PROVIDED RECORDS:
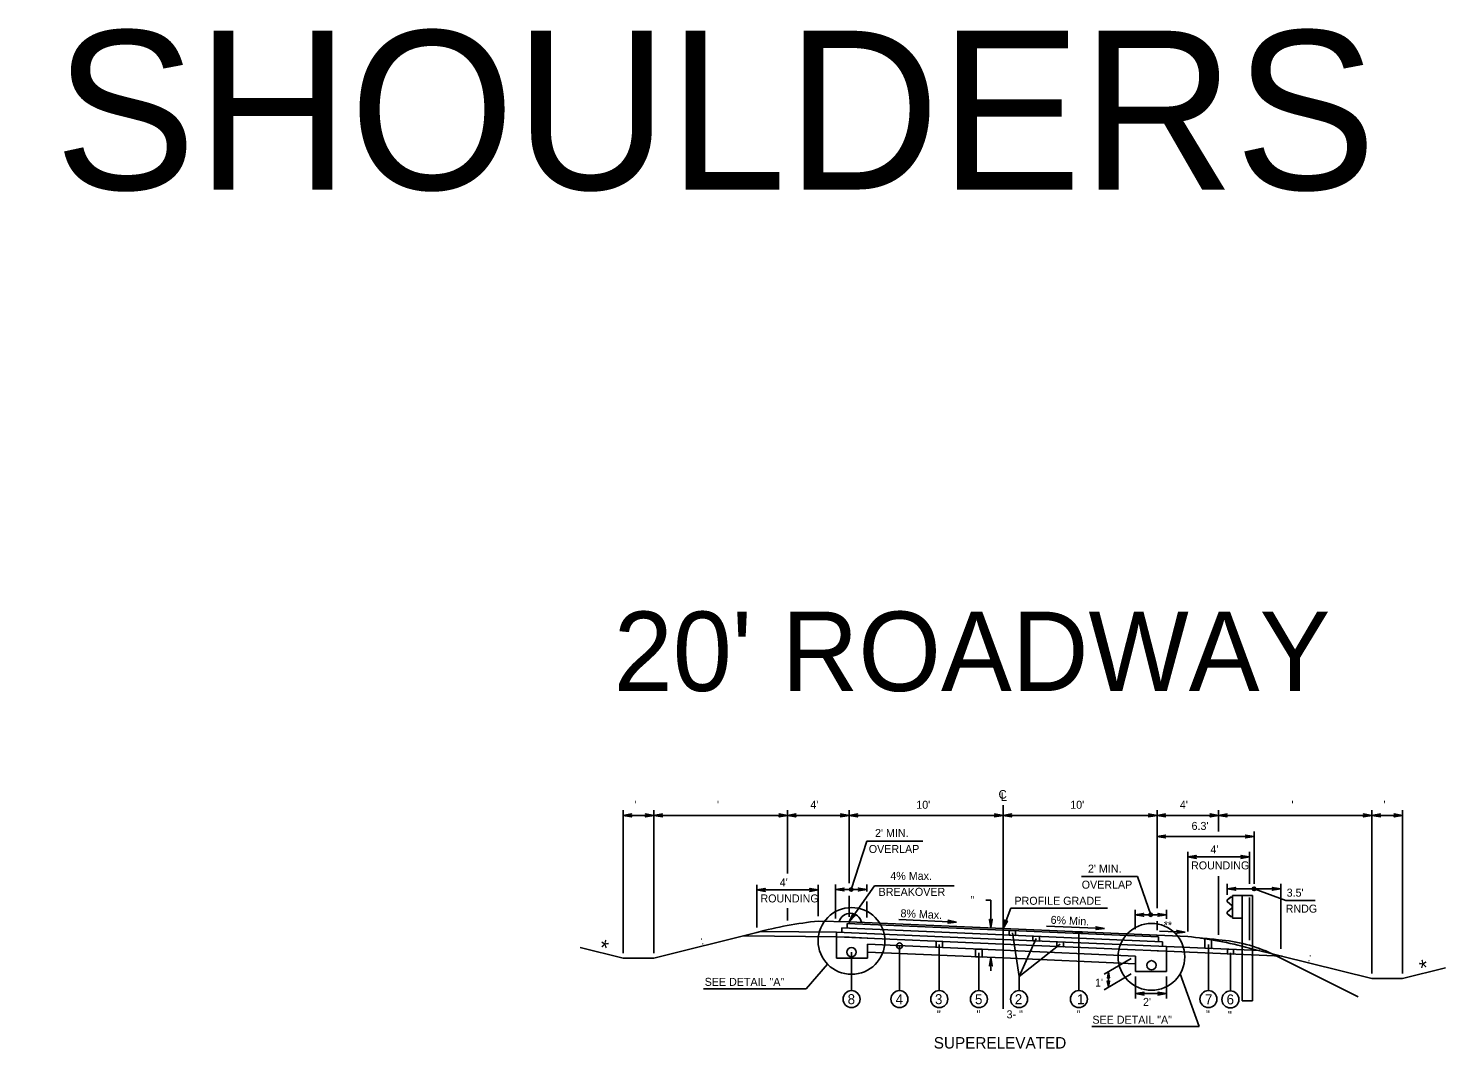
# Model space of a CAD drawing. Extents: x -540 to 1231, y -564 to 421.
# Drawn here: x 411.6 to 659.6, y 242.8 to 421.4 of the extents above; entities that cross this region are included whole.
import ezdxf

# ---------------------------------------------------------------- set-up
doc = ezdxf.new("R2010")
doc.units = 0
doc.layers.add('1', color=7, linetype='Continuous')
doc.layers.add('Des_ Drain_ Ftrs', color=7, linetype='Continuous')

msp = doc.modelspace()

# ---------------------------------------------------------------- linework, layer by layer
at = {"layer": '1'}
for p, q in [((582.17, 249.77), (582.17, 285.42)), ((515.69, 259.52), (515.69, 284.54)), ((521.08, 283.66), (515.69, 283.66)), ((521.08, 259.52), (521.08, 284.54)), ((544.46, 283.66), (521.08, 283.66)), ((544.46, 273.46), (544.46, 284.54)), ((555.23, 283.66), (544.46, 283.66)), ((555.23, 271.81), (555.23, 284.54)), ((582.17, 283.66), (555.23, 283.66)), ((582.17, 283.66), (609.12, 283.66)), ((609.12, 267.39), (609.12, 284.54)), ((609.12, 283.66), (619.89, 283.66)), ((619.89, 280.84), (619.89, 284.54)), ((619.89, 283.66), (646.71, 283.66)), ((646.71, 255.96), (646.71, 284.54)), ((646.71, 283.66), (652.1, 283.66)), ((652.1, 255.96), (652.1, 284.54)), ((626.09, 271.68), (626.09, 280.84)), ((555.6, 270.68), (558.35, 279.17)), ((568.11, 279.17), (558.35, 279.17)), ((609.11, 279.96), (626.09, 279.96)), ((614.5, 263.33), (614.5, 277.26)), ((614.5, 276.38), (625.28, 276.38)), ((625.28, 271.68), (625.28, 277.26)), ((595.91, 272.93), (605.68, 272.93)), ((608.01, 266.26), (605.68, 272.93)), ((619.89, 262.77), (619.89, 273.02)), ((539.07, 264.02), (539.07, 271.48)), ((549.84, 270.6), (539.07, 270.6)), ((549.84, 266.03), (549.84, 271.48)), ((552.86, 265.62), (552.86, 271.56)), ((558.34, 270.68), (552.86, 270.68)), ((555.23, 265.04), (559.65, 271.34)), ((558.34, 270.35), (558.34, 271.56)), ((573.6, 271.34), (559.65, 271.34)), ((621.39, 269.73), (621.39, 271.68)), ((621.39, 270.8), (630.78, 270.8)), ((626.09, 270.8), (631.64, 268.73)), ((630.78, 260.32), (630.78, 271.68)), ((555.23, 265.92), (555.23, 269.56)), ((558.34, 265.78), (558.34, 268.59)), ((580.04, 268.83), (579.16, 268.83)), ((580.04, 268.83), (580.04, 263.95)), ((621.46, 268.51), (622.19, 267.87)), ((621.99, 269.33), (621.48, 268.94)), ((621.48, 268.53), (622.21, 267.9)), ((622, 269.3), (621.49, 268.92)), ((622.31, 269.39), (621.99, 269.33)), ((622.31, 269.36), (622, 269.3)), ((622.31, 269.62), (622.31, 265.68)), ((622.31, 269.62), (623.99, 269.62)), ((623.99, 269.62), (623.99, 251.22)), ((625.82, 269.62), (623.99, 269.62)), ((625.28, 261.8), (625.28, 269.3)), ((625.82, 269.62), (625.82, 251.22)), ((631.64, 268.73), (636.8, 268.73)), ((544.46, 265.26), (544.46, 267.44)), ((563.92, 265.42), (574.04, 264.98)), ((582.18, 263.85), (583.56, 267.43)), ((600.48, 267.43), (583.56, 267.43)), ((605.27, 263.73), (605.27, 267.14)), ((605.27, 266.26), (610.76, 266.26)), ((610.76, 265.57), (610.76, 267.14)), ((622.19, 267.42), (621.46, 266.79)), ((622.21, 267.4), (621.48, 266.77)), ((621.48, 266.36), (621.99, 265.97)), ((621.49, 266.38), (622, 266)), ((621.99, 265.97), (622.31, 265.91)), ((622, 266), (622.31, 265.94)), ((622.28, 267.69), (622.28, 267.61)), ((622.31, 267.69), (622.31, 267.61)), ((622.31, 265.68), (623.99, 265.68)), ((539.07, 263.14), (521.08, 258.64)), ((539.82, 263.34), (553.04, 263.21)), ((555.23, 265.04), (549.84, 265.15)), ((582.17, 261.94), (553.04, 263.21)), ((553.04, 262.41), (553.04, 263.21)), ((582.17, 262.75), (553.96, 263.98)), ((553.96, 263.17), (553.96, 263.98)), ((582.17, 263.56), (554.89, 264.75)), ((554.89, 263.94), (554.89, 264.75)), ((582.17, 263.86), (555.23, 265.04)), ((555.23, 264.74), (555.23, 265.04)), ((609.12, 262.68), (582.17, 263.86)), ((609.35, 262.37), (582.17, 263.56)), ((583.81, 263.08), (584.97, 255.46)), ((589.8, 264.29), (599.91, 263.85)), ((595.44, 263.12), (595.44, 252.97)), ((609.12, 263.56), (609.12, 265.13)), ((614.05, 263.21), (609.56, 263.41)), ((508.16, 260.53), (515.69, 258.64)), ((536.76, 262.57), (553.04, 262.41)), ((553.04, 258.65), (553.04, 262.4)), ((553.04, 262.4), (555.23, 262.31)), ((582.17, 261.13), (553.06, 262.4)), ((555.23, 262.31), (558.53, 262.16)), ((582.17, 260.05), (558.43, 261.09)), ((558.43, 258.65), (558.43, 261.09)), ((564.05, 260.84), (564.05, 252.97)), ((571.02, 261.08), (571.02, 252.97)), ((610.06, 261.53), (582.17, 262.75)), ((610.76, 260.69), (582.17, 261.94)), ((605.28, 260.12), (582.17, 261.13)), ((587.99, 262.1), (584.97, 255.46)), ((592.16, 261.09), (584.97, 255.46)), ((614.49, 262.45), (609.12, 262.68)), ((609.12, 262.38), (609.12, 262.68)), ((609.35, 262.37), (609.35, 261.56)), ((610.06, 261.53), (610.06, 260.72)), ((610.76, 260.69), (610.76, 259.88)), ((627.1, 259.98), (610.76, 260.69)), ((618.11, 261.07), (618.11, 252.97)), ((621.39, 261.67), (621.39, 261.67)), ((625.27, 260.44), (646.7, 255.08)), ((521.08, 258.64), (515.69, 258.64)), ((558.43, 258.65), (553.04, 258.65)), ((555.66, 259.95), (555.66, 259.95)), ((555.66, 259.72), (555.66, 252.97)), ((582.17, 258.71), (558.43, 259.74)), ((577.95, 259.57), (577.95, 252.97)), ((580.04, 258.8), (580.04, 256.43)), ((605.37, 259.04), (582.17, 260.05)), ((605.37, 257.69), (582.17, 258.71)), ((604.61, 258.6), (599.85, 255.85)), ((610.76, 259.88), (605.28, 260.12)), ((605.37, 256.35), (605.37, 259.04)), ((605.37, 259.04), (605.37, 259.04)), ((610.77, 259.88), (609.12, 259.96)), ((610.76, 256.35), (610.76, 259.88)), ((631.02, 259), (610.76, 259.88)), ((621.95, 259.6), (621.95, 252.97)), ((629.28, 259.44), (644.33, 251.91)), ((547.7, 253.31), (551.44, 257.63)), ((584.97, 255.46), (584.97, 252.97)), ((604.61, 255.91), (599.84, 253.15)), ((600.62, 256.29), (600.6, 253.59)), ((605.37, 256.35), (610.76, 256.35)), ((605.37, 255.47), (605.37, 251.58)), ((610.76, 255.47), (610.76, 251.58)), ((613.17, 255.95), (616.5, 246.68)), ((659.62, 256.96), (652.09, 255.08)), ((529.77, 253.31), (547.7, 253.31)), ((646.7, 255.08), (652.09, 255.08)), ((605.37, 252.46), (610.76, 252.46)), ((625.82, 251.22), (623.99, 251.22)), ((597.71, 246.68), (616.5, 246.68))]:
    msp.add_line(p, q, dxfattribs=at)
for points in [[(583.24, 263.51), (584.38, 263.46), (584.38, 262.65), (583.24, 262.7)], [(594.86, 263.3), (596.01, 263.25), (596.01, 262.96), (594.86, 263.01)], [(570.45, 261.64), (571.59, 261.59), (571.59, 260.52), (570.45, 260.57)], [(587.41, 262.52), (588.56, 262.47), (588.56, 261.66), (587.41, 261.71)], [(591.59, 261.53), (592.73, 261.48), (592.73, 260.67), (591.59, 260.72)], [(618.66, 260.34), (617.5, 260.39), (617.5, 262.07), (618.66, 261.88)], [(577.38, 260.26), (578.52, 260.21), (578.52, 258.86), (577.38, 258.91)], [(621.44, 260.23), (622.49, 260.18), (622.49, 259.37), (621.44, 259.42)]]:
    msp.add_lwpolyline(points, close=True, dxfattribs=at)
for centre, radius in [((555.6, 270.68), 0.3), ((626.09, 270.8), 0.3), ((555.65, 261.68), 5.84), ((608.01, 266.26), 0.3), ((608.14, 258.9), 5.84), ((555.66, 259.72), 0.808), ((564.05, 260.84), 0.5), ((608.15, 257.42), 0.808), ((555.66, 251.49), 1.49), ((564.05, 251.49), 1.49), ((571.02, 251.49), 1.49), ((577.95, 251.49), 1.49), ((584.97, 251.49), 1.49), ((595.44, 251.49), 1.49), ((618.11, 251.49), 1.49), ((621.95, 251.44), 1.49)]:
    msp.add_circle(centre, radius, dxfattribs=at)
for centre, radius, start, end in [((621.64, 268.72), 0.278, 126.9799, 229.021), ((621.64, 268.72), 0.249, 126.9799, 229.021), ((622.03, 267.69), 0.249, 0, 49.0365), ((622.03, 267.69), 0.278, 0, 49.0365), ((555.44, 264.52), 2, 12.2495, 163.8033), ((621.64, 266.58), 0.278, 130.979, 233.0201), ((621.64, 266.58), 0.249, 130.979, 233.0201), ((622.03, 267.61), 0.249, 310.9635, 0), ((622.03, 267.61), 0.278, 310.9635, 0), ((556.74, 198.32), 67.19, 95.8901, 105.2487), ((607.61, 195.61), 67.19, 74.7593, 84.1179), ((609.07, 161.23), 101.24, 83.8633, 85.6775), ((617.77, 234.6), 27.37, 65.1374, 85.5513)]:
    msp.add_arc(centre, radius, start, end, dxfattribs=at)
at = {"layer": 'Des_ Drain_ Ftrs'}
for points in [[(515.69, 283.66), (517.18, 283.41), (516.88, 283.66), (517.18, 283.91)], [(521.08, 283.66), (519.59, 283.41), (519.88, 283.66), (519.59, 283.91)], [(521.08, 283.66), (522.57, 283.41), (522.27, 283.66), (522.57, 283.91)], [(544.46, 283.66), (542.97, 283.41), (543.26, 283.66), (542.97, 283.91)], [(544.46, 283.66), (545.94, 283.41), (545.65, 283.66), (545.94, 283.91)], [(555.23, 283.66), (553.74, 283.41), (554.04, 283.66), (553.74, 283.91)], [(555.23, 283.66), (556.72, 283.41), (556.43, 283.66), (556.72, 283.91)], [(582.17, 283.66), (580.69, 283.41), (580.98, 283.66), (580.69, 283.91)], [(582.17, 283.66), (583.66, 283.41), (583.37, 283.66), (583.66, 283.91)], [(609.12, 283.66), (607.63, 283.41), (607.92, 283.66), (607.63, 283.91)], [(609.12, 283.66), (610.6, 283.41), (610.31, 283.66), (610.6, 283.91)], [(619.89, 283.66), (618.4, 283.41), (618.7, 283.66), (618.4, 283.91)], [(619.89, 283.66), (621.38, 283.41), (621.08, 283.66), (621.38, 283.91)], [(646.71, 283.66), (645.22, 283.41), (645.52, 283.66), (645.22, 283.91)], [(646.71, 283.66), (648.2, 283.41), (647.91, 283.66), (648.2, 283.91)], [(652.1, 283.66), (650.61, 283.41), (650.91, 283.66), (650.61, 283.91)], [(609.11, 279.96), (610.6, 279.71), (610.31, 279.96), (610.6, 280.2)], [(626.09, 279.96), (624.6, 279.71), (624.89, 279.96), (624.6, 280.2)], [(614.5, 276.38), (615.99, 276.13), (615.7, 276.38), (615.99, 276.63)], [(625.28, 276.38), (623.79, 276.13), (624.09, 276.38), (623.79, 276.63)], [(539.07, 270.6), (540.56, 270.35), (540.26, 270.6), (540.56, 270.85)], [(549.84, 270.6), (548.36, 270.35), (548.65, 270.6), (548.36, 270.85)], [(552.86, 270.68), (554.35, 270.44), (554.05, 270.68), (554.35, 270.93)], [(558.34, 270.68), (556.85, 270.44), (557.15, 270.68), (556.85, 270.93)], [(621.39, 270.8), (622.88, 270.55), (622.59, 270.8), (622.88, 271.05)], [(630.78, 270.8), (629.29, 270.55), (629.59, 270.8), (629.29, 271.05)], [(555.23, 265.04), (556.29, 266.11), (555.91, 266.01), (555.88, 266.4)], [(580.04, 263.95), (580.29, 265.44), (580.04, 265.15), (579.79, 265.44)], [(605.27, 266.26), (606.76, 266.01), (606.46, 266.26), (606.76, 266.51)], [(610.76, 266.26), (609.27, 266.01), (609.56, 266.26), (609.27, 266.51)], [(574.04, 264.98), (572.54, 264.8), (572.84, 265.03), (572.56, 265.29)], [(582.18, 263.85), (582.95, 265.15), (582.61, 264.97), (582.48, 265.33)], [(599.91, 263.85), (598.41, 263.67), (598.72, 263.9), (598.43, 264.16)], [(614.05, 263.21), (612.56, 263.03), (612.86, 263.26), (612.58, 263.52)], [(580.04, 258.8), (580.29, 257.31), (580.04, 257.61), (579.79, 257.31)], [(600.62, 256.29), (600.43, 255.21), (600.61, 255.42), (600.79, 255.21)], [(600.6, 253.59), (600.42, 254.67), (600.6, 254.46), (600.78, 254.67)], [(605.37, 252.46), (606.86, 252.21), (606.57, 252.46), (606.86, 252.71)], [(610.76, 252.46), (609.27, 252.21), (609.57, 252.46), (609.27, 252.71)]]:
    msp.add_lwpolyline(points, close=True, dxfattribs=at)

# ---------------------------------------------------------------- texts
at = {"layer": '1'}
for s, height, p in [('COLLECTORS WITHOUT PAVED SHOULDERS', 27.7958, (-166.21, 393.19)), ("20' ROADWAY", 13.8979, (514.05, 305.42)), (" '", 1.4, (517.19, 284.81)), ("  '", 1.4, (531.07, 284.81)), ("4'", 1.4, (548.45, 284.81)), ("10'", 1.4, (566.99, 284.81)), ("10'", 1.4, (593.93, 284.81)), ("4'", 1.4, (613.11, 284.81)), ("  '", 1.4, (631.61, 284.81)), (" '", 1.4, (648.21, 284.81)), ("2' MIN.", 1.4, (559.77, 279.87)), ("6.3'", 1.4, (615.16, 281.11)), ('OVERLAP', 1.4, (558.68, 277.07)), ("4'", 1.4, (618.46, 277)), ('ROUNDING', 1.4, (615.07, 274.2)), ('4% Max.', 1.4, (562.45, 272.37)), ("2' MIN.", 1.4, (597.03, 273.63)), ("4'", 1.4, (543.1, 271.22)), ('BREAKOVER', 1.4, (560.4, 269.57)), ('OVERLAP', 1.4, (595.94, 270.83)), ("3.5'", 1.4, (631.8, 269.43)), ('ROUNDING', 1.4, (539.72, 268.42)), ('PROFILE GRADE', 1.4, (584.17, 268.01)), ('RNDG', 1.4, (631.63, 266.63)), ('SEE DETAIL "A"', 1.4, (529.96, 253.82)), ('8', 1.75, (554.98, 250.61)), ('4', 1.75, (563.38, 250.61)), ('3', 1.75, (570.26, 250.61)), ('5', 1.75, (577.26, 250.61)), ('2', 1.75, (584.23, 250.61)), ('1', 1.75, (595.13, 250.61)), ("2'", 1.4, (606.66, 250.31)), ('7', 1.75, (617.52, 250.61)), ('6', 1.75, (621.29, 250.57)), (' "', 1.4, (570.08, 248.13)), (' "', 1.4, (577.01, 248.13)), ('3- "', 1.4, (582.79, 248.13)), (' "', 1.4, (594.49, 248.13)), ('SEE DETAIL "A"', 1.4, (597.81, 247.19)), (' "', 1.4, (617.17, 248.13)), (' "', 1.4, (621.01, 247.99)), ('SUPERELEVATED', 2, (570.05, 242.85))]:
    msp.add_text(s, height=height, dxfattribs=at).set_placement(p)
for s, height, rotation, p in [('  "', 1.4, 0.1438, (575.43, 268.13)), ('8% Max.', 1.4, 357.3761, (564.2, 265.84)), ('6% Min.', 1.4, 357.373, (590.47, 264.69)), ('**', 1.4, 357.2162, (610.24, 263.77)), ('*', 2.8, 347.1521, (511.32, 259.29)), (' : ', 1.4, 14.2282, (528.89, 260.88)), (' : ', 1.4, 345.7718, (634.93, 258.31)), ('*', 2.8, 12.8479, (655.4, 255.48)), ("1'", 1.4, 0.1438, (598.27, 253.68))]:
    msp.add_text(s, height=height, rotation=rotation, dxfattribs=at).set_placement(p)
at = {"layer": 'Des_ Drain_ Ftrs'}
for s, p in [('C', (581.38, 286.58)), ('L', (581.77, 286.18))]:
    msp.add_text(s, height=1.5, dxfattribs=at).set_placement(p)

doc.saveas('drawing.dxf')

PROBLEM DESCRIPTION: Gather all lines from the records above in which "color" appears.

SOLUTION TO THE PROBLEM:
doc.layers.add('1', color=7, linetype='Continuous')
doc.layers.add('Des_ Drain_ Ftrs', color=7, linetype='Continuous')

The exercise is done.